◆ What you have to do
Select, from the material below, each line with "collinear" in it.

◆ Task data

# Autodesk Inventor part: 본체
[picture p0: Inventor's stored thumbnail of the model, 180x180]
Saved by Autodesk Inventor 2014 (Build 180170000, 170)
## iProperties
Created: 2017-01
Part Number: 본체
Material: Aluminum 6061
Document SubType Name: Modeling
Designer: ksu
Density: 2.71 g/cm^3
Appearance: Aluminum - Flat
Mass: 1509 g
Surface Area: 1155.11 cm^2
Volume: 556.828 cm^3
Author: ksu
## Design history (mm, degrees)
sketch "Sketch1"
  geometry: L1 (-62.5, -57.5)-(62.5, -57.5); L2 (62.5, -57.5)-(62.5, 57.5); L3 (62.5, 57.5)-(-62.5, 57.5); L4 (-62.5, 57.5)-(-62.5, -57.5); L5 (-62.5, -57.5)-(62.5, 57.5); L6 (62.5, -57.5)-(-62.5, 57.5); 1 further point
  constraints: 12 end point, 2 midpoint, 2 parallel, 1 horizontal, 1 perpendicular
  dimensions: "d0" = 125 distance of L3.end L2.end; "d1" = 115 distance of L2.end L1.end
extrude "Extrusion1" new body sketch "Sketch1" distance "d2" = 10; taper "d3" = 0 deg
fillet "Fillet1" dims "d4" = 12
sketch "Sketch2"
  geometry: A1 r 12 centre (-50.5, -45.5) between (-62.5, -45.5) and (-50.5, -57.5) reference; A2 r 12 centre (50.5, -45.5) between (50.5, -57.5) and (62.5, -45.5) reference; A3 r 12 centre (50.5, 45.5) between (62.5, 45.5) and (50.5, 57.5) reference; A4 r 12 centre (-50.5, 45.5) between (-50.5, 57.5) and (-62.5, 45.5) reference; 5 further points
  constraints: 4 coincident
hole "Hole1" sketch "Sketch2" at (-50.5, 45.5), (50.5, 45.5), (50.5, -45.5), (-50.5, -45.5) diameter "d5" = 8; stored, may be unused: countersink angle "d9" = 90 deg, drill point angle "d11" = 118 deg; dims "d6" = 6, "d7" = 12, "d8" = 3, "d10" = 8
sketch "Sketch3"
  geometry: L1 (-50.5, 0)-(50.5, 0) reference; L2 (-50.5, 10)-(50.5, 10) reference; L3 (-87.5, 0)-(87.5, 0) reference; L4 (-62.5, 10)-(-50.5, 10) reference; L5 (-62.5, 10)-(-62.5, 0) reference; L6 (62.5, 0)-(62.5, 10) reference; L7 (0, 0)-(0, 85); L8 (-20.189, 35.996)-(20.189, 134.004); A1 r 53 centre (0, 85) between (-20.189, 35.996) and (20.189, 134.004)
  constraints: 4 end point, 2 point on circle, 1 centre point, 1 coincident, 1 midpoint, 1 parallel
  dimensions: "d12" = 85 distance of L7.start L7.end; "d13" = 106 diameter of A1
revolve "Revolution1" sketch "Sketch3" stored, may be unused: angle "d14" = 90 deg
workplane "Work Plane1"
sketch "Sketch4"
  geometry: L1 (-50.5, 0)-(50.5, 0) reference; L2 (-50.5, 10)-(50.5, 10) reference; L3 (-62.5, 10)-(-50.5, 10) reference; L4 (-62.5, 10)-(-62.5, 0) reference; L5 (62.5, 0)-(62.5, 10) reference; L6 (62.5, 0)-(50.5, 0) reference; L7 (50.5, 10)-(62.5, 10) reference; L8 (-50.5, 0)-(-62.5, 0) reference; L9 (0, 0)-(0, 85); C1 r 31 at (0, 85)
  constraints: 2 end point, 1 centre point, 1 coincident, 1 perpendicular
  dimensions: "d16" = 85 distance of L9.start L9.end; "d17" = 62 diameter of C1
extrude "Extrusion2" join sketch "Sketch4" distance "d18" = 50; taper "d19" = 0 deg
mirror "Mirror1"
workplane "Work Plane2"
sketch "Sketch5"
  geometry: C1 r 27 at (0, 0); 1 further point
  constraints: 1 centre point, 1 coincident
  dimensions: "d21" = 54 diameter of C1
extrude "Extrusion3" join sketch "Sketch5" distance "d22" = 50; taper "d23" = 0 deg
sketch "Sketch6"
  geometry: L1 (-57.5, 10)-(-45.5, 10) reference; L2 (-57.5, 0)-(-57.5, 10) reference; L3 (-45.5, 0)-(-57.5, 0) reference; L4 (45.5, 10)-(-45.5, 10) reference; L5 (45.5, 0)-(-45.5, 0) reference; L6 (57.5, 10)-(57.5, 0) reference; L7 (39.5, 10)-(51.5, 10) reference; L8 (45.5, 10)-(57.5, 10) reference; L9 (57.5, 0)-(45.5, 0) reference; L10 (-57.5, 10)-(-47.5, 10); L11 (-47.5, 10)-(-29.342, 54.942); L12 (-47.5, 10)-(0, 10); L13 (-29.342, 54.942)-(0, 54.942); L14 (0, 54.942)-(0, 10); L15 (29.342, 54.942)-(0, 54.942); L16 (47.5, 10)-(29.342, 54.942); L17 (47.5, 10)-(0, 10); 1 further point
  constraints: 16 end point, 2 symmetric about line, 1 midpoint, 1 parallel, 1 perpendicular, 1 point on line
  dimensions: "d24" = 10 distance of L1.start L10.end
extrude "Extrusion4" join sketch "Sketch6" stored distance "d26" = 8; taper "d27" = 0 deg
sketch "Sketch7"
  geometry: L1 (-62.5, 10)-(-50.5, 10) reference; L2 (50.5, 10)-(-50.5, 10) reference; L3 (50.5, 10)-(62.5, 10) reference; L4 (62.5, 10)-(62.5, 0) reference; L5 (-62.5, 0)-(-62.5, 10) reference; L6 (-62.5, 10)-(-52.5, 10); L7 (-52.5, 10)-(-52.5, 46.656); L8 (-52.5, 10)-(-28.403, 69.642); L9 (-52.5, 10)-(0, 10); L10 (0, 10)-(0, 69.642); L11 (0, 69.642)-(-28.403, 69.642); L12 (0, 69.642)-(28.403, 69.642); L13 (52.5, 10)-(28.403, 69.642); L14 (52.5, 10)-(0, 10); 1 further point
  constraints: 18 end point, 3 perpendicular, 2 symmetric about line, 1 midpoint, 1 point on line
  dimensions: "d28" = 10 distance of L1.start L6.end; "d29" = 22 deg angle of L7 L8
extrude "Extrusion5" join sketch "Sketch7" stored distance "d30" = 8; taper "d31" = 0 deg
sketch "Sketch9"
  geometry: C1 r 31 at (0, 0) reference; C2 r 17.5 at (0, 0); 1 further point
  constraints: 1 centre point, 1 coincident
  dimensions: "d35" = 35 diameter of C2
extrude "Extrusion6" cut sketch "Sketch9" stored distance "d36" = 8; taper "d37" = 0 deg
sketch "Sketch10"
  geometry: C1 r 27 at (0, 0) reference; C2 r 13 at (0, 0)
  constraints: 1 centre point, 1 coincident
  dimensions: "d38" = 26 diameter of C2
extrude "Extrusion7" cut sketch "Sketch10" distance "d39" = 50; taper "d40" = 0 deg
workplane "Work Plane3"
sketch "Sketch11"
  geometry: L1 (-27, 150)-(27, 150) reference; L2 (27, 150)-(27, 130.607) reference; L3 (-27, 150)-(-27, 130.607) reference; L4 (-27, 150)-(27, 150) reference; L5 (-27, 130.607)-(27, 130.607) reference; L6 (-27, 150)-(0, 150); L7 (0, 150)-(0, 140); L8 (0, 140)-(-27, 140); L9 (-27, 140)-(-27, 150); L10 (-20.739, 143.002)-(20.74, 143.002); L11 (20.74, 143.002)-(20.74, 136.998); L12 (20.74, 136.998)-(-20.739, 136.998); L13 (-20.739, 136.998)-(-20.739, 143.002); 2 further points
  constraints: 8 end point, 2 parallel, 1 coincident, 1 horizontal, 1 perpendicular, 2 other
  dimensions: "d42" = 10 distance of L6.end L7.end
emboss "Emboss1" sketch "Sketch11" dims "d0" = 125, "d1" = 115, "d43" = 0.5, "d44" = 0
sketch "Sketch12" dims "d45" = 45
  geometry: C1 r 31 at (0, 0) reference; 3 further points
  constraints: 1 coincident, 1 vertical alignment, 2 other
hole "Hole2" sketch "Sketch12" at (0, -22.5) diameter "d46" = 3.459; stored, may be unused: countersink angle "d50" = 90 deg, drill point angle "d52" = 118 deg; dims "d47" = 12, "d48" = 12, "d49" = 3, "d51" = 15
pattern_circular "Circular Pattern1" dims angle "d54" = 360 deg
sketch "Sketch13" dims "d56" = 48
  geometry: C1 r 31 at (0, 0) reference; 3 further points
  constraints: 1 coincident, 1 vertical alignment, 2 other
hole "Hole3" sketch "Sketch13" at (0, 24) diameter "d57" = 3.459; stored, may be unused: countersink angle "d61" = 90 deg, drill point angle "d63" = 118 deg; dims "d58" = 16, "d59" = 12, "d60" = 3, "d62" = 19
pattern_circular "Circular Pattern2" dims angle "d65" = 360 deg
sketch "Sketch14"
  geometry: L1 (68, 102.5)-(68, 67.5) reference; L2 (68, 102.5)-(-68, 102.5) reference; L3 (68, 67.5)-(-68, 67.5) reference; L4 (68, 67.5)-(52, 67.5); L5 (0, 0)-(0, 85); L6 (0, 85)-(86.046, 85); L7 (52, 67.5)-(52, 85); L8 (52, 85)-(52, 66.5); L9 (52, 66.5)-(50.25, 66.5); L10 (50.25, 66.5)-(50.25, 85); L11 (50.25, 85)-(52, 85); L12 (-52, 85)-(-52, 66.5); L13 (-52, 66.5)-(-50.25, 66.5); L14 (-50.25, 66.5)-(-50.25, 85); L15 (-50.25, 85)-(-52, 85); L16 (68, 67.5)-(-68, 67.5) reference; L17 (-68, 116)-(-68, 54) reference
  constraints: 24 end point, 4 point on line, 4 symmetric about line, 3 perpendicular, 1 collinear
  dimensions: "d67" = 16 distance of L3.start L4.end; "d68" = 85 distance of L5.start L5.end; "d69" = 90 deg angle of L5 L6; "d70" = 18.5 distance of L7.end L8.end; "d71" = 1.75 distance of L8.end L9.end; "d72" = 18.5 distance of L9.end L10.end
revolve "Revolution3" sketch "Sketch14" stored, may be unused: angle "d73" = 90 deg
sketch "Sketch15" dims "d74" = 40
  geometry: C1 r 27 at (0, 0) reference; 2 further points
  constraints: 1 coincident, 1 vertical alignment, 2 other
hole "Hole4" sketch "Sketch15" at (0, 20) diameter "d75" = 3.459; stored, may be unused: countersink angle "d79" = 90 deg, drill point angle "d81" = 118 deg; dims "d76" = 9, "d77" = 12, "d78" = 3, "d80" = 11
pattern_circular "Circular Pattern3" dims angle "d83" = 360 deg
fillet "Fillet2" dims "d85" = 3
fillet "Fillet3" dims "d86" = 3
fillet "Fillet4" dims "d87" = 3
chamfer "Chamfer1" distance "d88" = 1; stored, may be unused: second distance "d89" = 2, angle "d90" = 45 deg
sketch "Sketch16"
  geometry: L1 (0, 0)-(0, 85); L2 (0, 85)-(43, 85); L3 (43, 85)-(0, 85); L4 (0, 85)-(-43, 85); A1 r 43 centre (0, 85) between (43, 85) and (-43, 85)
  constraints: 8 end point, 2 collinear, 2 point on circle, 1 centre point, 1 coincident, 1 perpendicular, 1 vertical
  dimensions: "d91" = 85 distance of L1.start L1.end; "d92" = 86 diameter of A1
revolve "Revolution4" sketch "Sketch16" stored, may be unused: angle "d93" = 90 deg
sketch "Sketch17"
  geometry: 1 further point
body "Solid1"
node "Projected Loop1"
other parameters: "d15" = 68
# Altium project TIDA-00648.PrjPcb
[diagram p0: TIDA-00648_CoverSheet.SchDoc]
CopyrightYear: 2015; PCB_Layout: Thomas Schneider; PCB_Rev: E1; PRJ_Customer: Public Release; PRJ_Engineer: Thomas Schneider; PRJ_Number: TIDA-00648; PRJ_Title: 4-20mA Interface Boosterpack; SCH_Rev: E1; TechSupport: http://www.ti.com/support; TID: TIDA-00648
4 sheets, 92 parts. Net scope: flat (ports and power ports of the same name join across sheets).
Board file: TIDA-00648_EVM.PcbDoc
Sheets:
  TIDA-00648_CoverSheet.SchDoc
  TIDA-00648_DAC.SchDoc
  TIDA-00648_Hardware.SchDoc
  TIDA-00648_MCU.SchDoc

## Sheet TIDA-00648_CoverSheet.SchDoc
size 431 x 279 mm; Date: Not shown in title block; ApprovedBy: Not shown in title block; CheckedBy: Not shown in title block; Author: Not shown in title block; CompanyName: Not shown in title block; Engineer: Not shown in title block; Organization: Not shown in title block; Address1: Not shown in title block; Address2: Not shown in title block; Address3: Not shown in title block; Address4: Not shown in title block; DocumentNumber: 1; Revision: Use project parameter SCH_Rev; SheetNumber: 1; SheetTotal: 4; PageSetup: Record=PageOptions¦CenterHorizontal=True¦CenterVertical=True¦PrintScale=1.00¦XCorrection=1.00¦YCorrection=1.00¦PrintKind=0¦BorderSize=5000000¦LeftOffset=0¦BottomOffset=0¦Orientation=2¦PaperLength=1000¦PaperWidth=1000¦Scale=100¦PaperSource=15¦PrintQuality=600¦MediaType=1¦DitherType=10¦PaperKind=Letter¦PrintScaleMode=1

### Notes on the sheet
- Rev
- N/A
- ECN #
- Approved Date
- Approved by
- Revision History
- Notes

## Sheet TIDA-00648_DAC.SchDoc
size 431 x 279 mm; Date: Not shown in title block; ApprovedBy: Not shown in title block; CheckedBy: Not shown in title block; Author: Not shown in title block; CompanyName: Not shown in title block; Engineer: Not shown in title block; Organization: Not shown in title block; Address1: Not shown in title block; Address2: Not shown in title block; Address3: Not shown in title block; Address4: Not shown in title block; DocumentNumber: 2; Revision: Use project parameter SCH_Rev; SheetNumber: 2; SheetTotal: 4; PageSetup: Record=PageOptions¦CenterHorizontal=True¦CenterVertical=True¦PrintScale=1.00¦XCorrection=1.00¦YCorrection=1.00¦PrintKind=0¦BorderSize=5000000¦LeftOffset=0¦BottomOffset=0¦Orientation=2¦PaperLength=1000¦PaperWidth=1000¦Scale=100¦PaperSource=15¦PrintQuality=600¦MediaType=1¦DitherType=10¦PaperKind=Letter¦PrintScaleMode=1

◆ Solution for this task
  constraints: 24 end point, 4 point on line, 4 symmetric about line, 3 perpendicular, 1 collinear
  constraints: 8 end point, 2 collinear, 2 point on circle, 1 centre point, 1 coincident, 1 perpendicular, 1 vertical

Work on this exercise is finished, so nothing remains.